-- Given information follows --

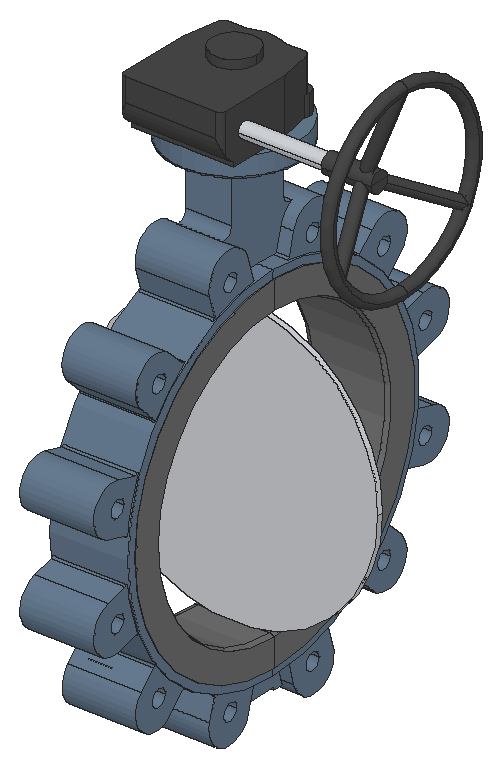
Revit family "Запорно-регулирующая заслонка с ручным редукторным приводом AF-4219", category Rohrzubehör, Revit 2020 (continued)
Definition of nested family "Getriebe für Klappe DN50-DN200"
  Dimensions and locks
    "R02": radius of Extrusion 1 sketch curve  (x4)
    "R01": radius of Extrusion 1 sketch curve
    "R03": radius of Extrusion 2 sketch curve  (x2)
    "R06": radius of Revolve 6 sketch curve
    "W01": angle Extrusion 1 sketch curve to Extrusion 1 sketch curve  (x2)
    aligned and locked: level to plane 2
  Automatic sketch dimensions
    Extrusion 3 sketch curve to level = 0 mm
    plane 1 "Mitte (Vorne/hinten)" to Extrusion 3 sketch curve = 80 mm
    Extrusion 3 sketch curve to Extrusion 3 sketch curve = 15.427 mm
    Extrusion 3 sketch curve to Extrusion 3 sketch curve = 13.173 mm
    level to Extrusion 3 sketch curve = 4.9 mm
    plane 1 "Mitte (Vorne/hinten)" to Extrusion 5 sketch curve = 0 mm
    Extrusion 5 sketch curve to plane 3 "Mitte (Links/rechts)" = 0 mm
    level to Revolve 7 sketch curve = 28.6 mm  (x2)
    plane 3 "Mitte (Links/rechts)" to Revolve 7 sketch curve = 172 mm
    level to Revolve 7 sketch curve = 26.361 mm
    Revolve 7 sketch curve to Revolve 7 sketch curve = 5.567 mm
    level to Revolve 7 sketch curve = 120.6 mm
    Revolve 7 sketch curve to Revolve 7 sketch curve = 0 mm  (x3)
    plane 3 "Mitte (Links/rechts)" to Revolve 10 sketch curve = 172 mm
    Revolve 10 sketch curve to Revolve 10 sketch curve = 5.567 mm
    Revolve 10 sketch curve to Revolve 10 sketch curve = 37 mm
    Revolve 10 sketch curve to Revolve 10 sketch curve = 2.239 mm
    Revolve 10 sketch curve to Revolve 10 sketch curve = 0 mm  (x4)
    plane 3 "Mitte (Links/rechts)" to Revolve 9 sketch curve = 172 mm
    Revolve 9 sketch curve to Revolve 9 sketch curve = 5.567 mm
    Revolve 9 sketch curve to Revolve 9 sketch curve = 37 mm
    Revolve 9 sketch curve to Revolve 9 sketch curve = 2.239 mm
    Revolve 9 sketch curve to Revolve 9 sketch curve = 0 mm  (x4)
    Extrusion 1 sketch curve to plane 3 "Mitte (Links/rechts)" = 0 mm
    plane 1 "Mitte (Vorne/hinten)" to Extrusion 1 sketch curve = 0 mm  (x2)
    Extrusion 1 sketch curve to plane 1 "Mitte (Vorne/hinten)" = 35.392 mm
    Extrusion 1 sketch curve to Extrusion 1 sketch curve = 18.48 mm  (x2)
    Extrusion 2 sketch curve to plane 3 "Mitte (Links/rechts)" = 35.7 mm
    plane 3 "Mitte (Links/rechts)" to Extrusion 2 sketch curve = 35.7 mm
    Revolve 4 sketch curve to plane 3 "Mitte (Links/rechts)" = 0 mm  (x2)
    Revolve 4 sketch curve to Revolve 4 sketch curve = 0 mm  (x2)
    Revolve 6 sketch curve to plane 3 "Mitte (Links/rechts)" = 1506.53 mm
    Revolve 6 sketch curve to Revolve 6 sketch curve = 1630.148 mm
    Revolve 8 sketch curve to Revolve 8 sketch curve = 7.5 mm
    Revolve 8 sketch curve to Revolve 8 sketch curve = 0 mm  (x2)
    radius of Extrusion 5 sketch curve = 22.3 mm
Definition of nested family "Getriebe für Klappe DN250-DN300"
  Parameters (values of type "Getriebe für Klappe DN250-DN300")
    W01 = 11.19°  # constant formula
    Default Elevation = 0 mm
    URL = "www.herz-armaturen.at"
    R07 = 92 mm  # constant formula
    R06 = 6 mm  # constant formula
    R05 = 10 mm  # constant formula
    R04 = 7.5 mm  # constant formula
    R03 = 10.5 mm  # constant formula
    R02 = 5.4 mm  # constant formula
    R01 = 44.9 mm  # constant formula
    M01 = 37 mm  # constant formula
    L03 = 52 mm  # constant formula
    L02 = 39.6 mm  # constant formula
    L01 = 80 mm  # constant formula
    Manufacturer = "Herz-Armaturen GmbH"  # constant formula
    H03 = 28.6 mm  # constant formula
    H02 = 20 mm  # constant formula
    H01 = 54 mm  # constant formula
    B05 = 209 mm  # constant formula
    B04 = 22 mm  # constant formula
    B03 = 50 mm  # constant formula
    B02 = 159 mm  # constant formula
    B01 = 51 mm  # constant formula
    A01 = 28.6 mm  # constant formula
  Reference planes
    plane 1 "Mitte (Vorne/hinten)": y = 0
    plane 2: z = 0
    plane 3 "Mitte (Links/rechts)": x = 0
  Forms (mm)
    Extrusion 1, solid, detail levels fine
      sketch origin (0, 0, 0) x (1, 0, 0) y (0, 1, 0)
        loop
          line (51, 0) -> (43.999, 35.392)
          arc (43.999, 35.392) -> (42.103, 38.419) -> (38.732, 39.6) r 5.4
          line (38.732, 39.6) -> (20.252, 39.6)
          arc (20.252, 39.6) -> (0, 44.427) -> (-20.252, 39.6) r 44.9
          line (-20.252, 39.6) -> (-38.732, 39.6)
          arc (-38.732, 39.6) -> (-42.103, 38.419) -> (-43.999, 35.392) r 5.4
          line (-43.999, 35.392) -> (-51, 0) -> (-51, -74.6)
          arc (-51, -74.6) -> (-49.418, -78.418) -> (-45.6, -80) r 5.4
          line (-45.6, -80) -> (45.6, -80)
          arc (45.6, -80) -> (49.418, -78.418) -> (51, -74.6) r 5.4
          line (51, -74.6) -> (51, 0)
      from 0 to 54
    Extrusion 2, solid, detail levels fine
      sketch origin (0, 0, 0) x (1, 0, 0) y (0, 1, 0)
        loop
          circle (-35.7, 37) r 10.5
        loop
          circle (35.7, 37) r 10.5
      from 0 to 20
    Extrusion 3, void
      sketch origin (0, 0, 0) x (0, 1, 0) y (0, 0, 1)
        loop
          line (-80, 0) -> (-64.573, 0) -> (-64.573, 4.9)
          arc (-64.573, 4.9) -> (-75.841, 15.433) -> (-80, 30.286) r 28.6
          line (-80, 30.286) -> (-80, 0)
      from -51 to 51
    Revolve 4, solid, detail levels fine
      sketch origin (0, 0, 28.6) x (1, 0, 0) y (0, 1, 0)
        loop
          line (0, -52) -> (0, -59.5) -> (159, -59.5) -> (159, -52) -> (0, -52)
        axis (0, -52) -> (159, -52)
      angle from 0 to 360
    Extrusion 5, solid, detail levels fine
      sketch origin (0, 0, 0) x (1, 0, 0) y (0, 1, 0)
        loop
          circle (0, 0) r 22.3
      from 54 to 62.5
    Revolve 6, solid, detail levels fine
      sketch origin (0, -52, 28.6) x (1, 0, 0) y (0, 0, 1)
        loop
          circle (209, 92) r 6
        axis (203, 0) -> (215, 0)
      angle from 0 to 360
    Revolve 7, solid, detail levels fine
      sketch origin (0, -52, 0) x (1, 0, 0) y (0, 0, 1)
        loop
          line (209, 120.6) -> (172, 28.6) -> (177.567, 26.361) -> (214.567, 118.361) -> (209, 120.6)
        axis (172, 28.6) -> (209, 120.6)
      angle from 0 to 360
    Revolve 8, solid, detail levels fine
      sketch origin (0, 0, 28.6) x (1, 0, 0) y (0, 1, 0)
        loop
          line (137, -59.5) -> (137, -62) -> (187, -62) -> (187, -52) -> (159, -52) -> (159, -59.5) -> (137, -59.5)
        axis (137, -52) -> (187, -52)
      angle from 0 to 360
    Revolve 9, solid, detail levels fine
      sketch origin (0, -27.232, 42.9) x (1, 0, 0) y (0, -0.866025, -0.5)
        loop
          line (209, 120.6) -> (172, 28.6) -> (177.567, 26.361) -> (214.567, 118.361) -> (209, 120.6)
        axis (172, 28.6) -> (209, 120.6)
      angle from 0 to 360
    Revolve 10, solid, detail levels fine
      sketch origin (0, -76.768, 42.9) x (1, 0, 0) y (0, 0.866025, -0.5)
        loop
          line (209, 120.6) -> (172, 28.6) -> (177.567, 26.361) -> (214.567, 118.361) -> (209, 120.6)
        axis (172, 28.6) -> (209, 120.6)
      angle from 0 to 360
  Cuts and joins
    Extrusion 3 cuts Extrusion 1
  Dimensions and locks
    "B01": Extrusion 1 sketch curve to plane 3 "Mitte (Links/rechts)"
    "B01": plane 3 "Mitte (Links/rechts)" to Extrusion 1 sketch curve
    "L02": plane 1 "Mitte (Vorne/hinten)" to Extrusion 1 sketch curve  (x2)
    "L01": Extrusion 1 sketch curve to plane 1 "Mitte (Vorne/hinten)"
    "M01": plane 1 "Mitte (Vorne/hinten)" to Extrusion 2 sketch curve  (x2)
    "H01": Extrusion 1 to plane 2
    "H02": Extrusion 2 to plane 2
    "L03": Revolve 4 sketch curve to plane 1 "Mitte (Vorne/hinten)"
    "R04": Revolve 4 sketch curve to Revolve 4 sketch curve
    "B02": Revolve 4 sketch curve to Revolve 4 sketch curve
    "H03": Revolve 8 to plane 2
    "H03": Revolve 4 to plane 2
    "L03": Revolve 8 sketch curve to plane 1 "Mitte (Vorne/hinten)"
    "B02": plane 3 "Mitte (Links/rechts)" to Revolve 8 sketch curve
    "R05": Revolve 8 sketch curve to Revolve 8 sketch curve
    "B03": Revolve 8 sketch curve to Revolve 8 sketch curve
    "B04": Revolve 8 sketch curve to Revolve 8 sketch curve
    "R04": Revolve 8 sketch curve to Revolve 8 sketch curve
    "B05": Revolve 6 sketch curve to plane 3 "Mitte (Links/rechts)"
    "R07": Revolve 6 sketch curve to Revolve 6 sketch curve
    "A01": plane 2 to Revolve 6 sketch curve
    "R02": radius of Extrusion 1 sketch curve  (x4)
    "R01": radius of Extrusion 1 sketch curve
    "R03": radius of Extrusion 2 sketch curve  (x2)
    "R06": radius of Revolve 6 sketch curve
    "W01": angle Extrusion 1 sketch curve to Extrusion 1 sketch curve  (x2)
    aligned and locked: level to plane 2
  Automatic sketch dimensions
    Extrusion 3 sketch curve to level = 0 mm
    plane 1 "Mitte (Vorne/hinten)" to Extrusion 3 sketch curve = 80 mm
    Extrusion 3 sketch curve to Extrusion 3 sketch curve = 15.427 mm
    Extrusion 3 sketch curve to Extrusion 3 sketch curve = 13.173 mm
    level to Extrusion 3 sketch curve = 4.9 mm
    plane 1 "Mitte (Vorne/hinten)" to Extrusion 5 sketch curve = 0 mm
    Extrusion 5 sketch curve to plane 3 "Mitte (Links/rechts)" = 0 mm
    level to Revolve 7 sketch curve = 28.6 mm  (x2)
    plane 3 "Mitte (Links/rechts)" to Revolve 7 sketch curve = 172 mm
    level to Revolve 7 sketch curve = 26.361 mm
    Revolve 7 sketch curve to Revolve 7 sketch curve = 5.567 mm
    level to Revolve 7 sketch curve = 120.6 mm
    Revolve 7 sketch curve to Revolve 7 sketch curve = 0 mm  (x3)
    plane 3 "Mitte (Links/rechts)" to Revolve 10 sketch curve = 172 mm
    Revolve 10 sketch curve to Revolve 10 sketch curve = 5.567 mm
    Revolve 10 sketch curve to Revolve 10 sketch curve = 37 mm
    Revolve 10 sketch curve to Revolve 10 sketch curve = 2.239 mm
    Revolve 10 sketch curve to Revolve 10 sketch curve = 0 mm  (x4)
    plane 3 "Mitte (Links/rechts)" to Revolve 9 sketch curve = 172 mm
    Revolve 9 sketch curve to Revolve 9 sketch curve = 5.567 mm
    Revolve 9 sketch curve to Revolve 9 sketch curve = 37 mm
    Revolve 9 sketch curve to Revolve 9 sketch curve = 2.239 mm
    Revolve 9 sketch curve to Revolve 9 sketch curve = 0 mm  (x4)
    Extrusion 1 sketch curve to plane 3 "Mitte (Links/rechts)" = 0 mm
    plane 1 "Mitte (Vorne/hinten)" to Extrusion 1 sketch curve = 0 mm  (x2)
    Extrusion 1 sketch curve to plane 1 "Mitte (Vorne/hinten)" = 35.392 mm
    Extrusion 1 sketch curve to Extrusion 1 sketch curve = 18.48 mm  (x2)
    Extrusion 2 sketch curve to plane 3 "Mitte (Links/rechts)" = 35.7 mm
    plane 3 "Mitte (Links/rechts)" to Extrusion 2 sketch curve = 35.7 mm
    Revolve 4 sketch curve to plane 3 "Mitte (Links/rechts)" = 0 mm  (x2)
    Revolve 4 sketch curve to Revolve 4 sketch curve = 0 mm  (x2)
    Revolve 6 sketch curve to plane 3 "Mitte (Links/rechts)" = 1506.53 mm
    Revolve 6 sketch curve to Revolve 6 sketch curve = 1630.148 mm
    Revolve 8 sketch curve to Revolve 8 sketch curve = 7.5 mm
    Revolve 8 sketch curve to Revolve 8 sketch curve = 0 mm  (x2)
    radius of Extrusion 5 sketch curve = 22.3 mm

-- Given information concluded --

◆ What you are asked to do: Please give the number of lines in the data above that contain the word "circle", with nothing else.

◆ Completed task: 4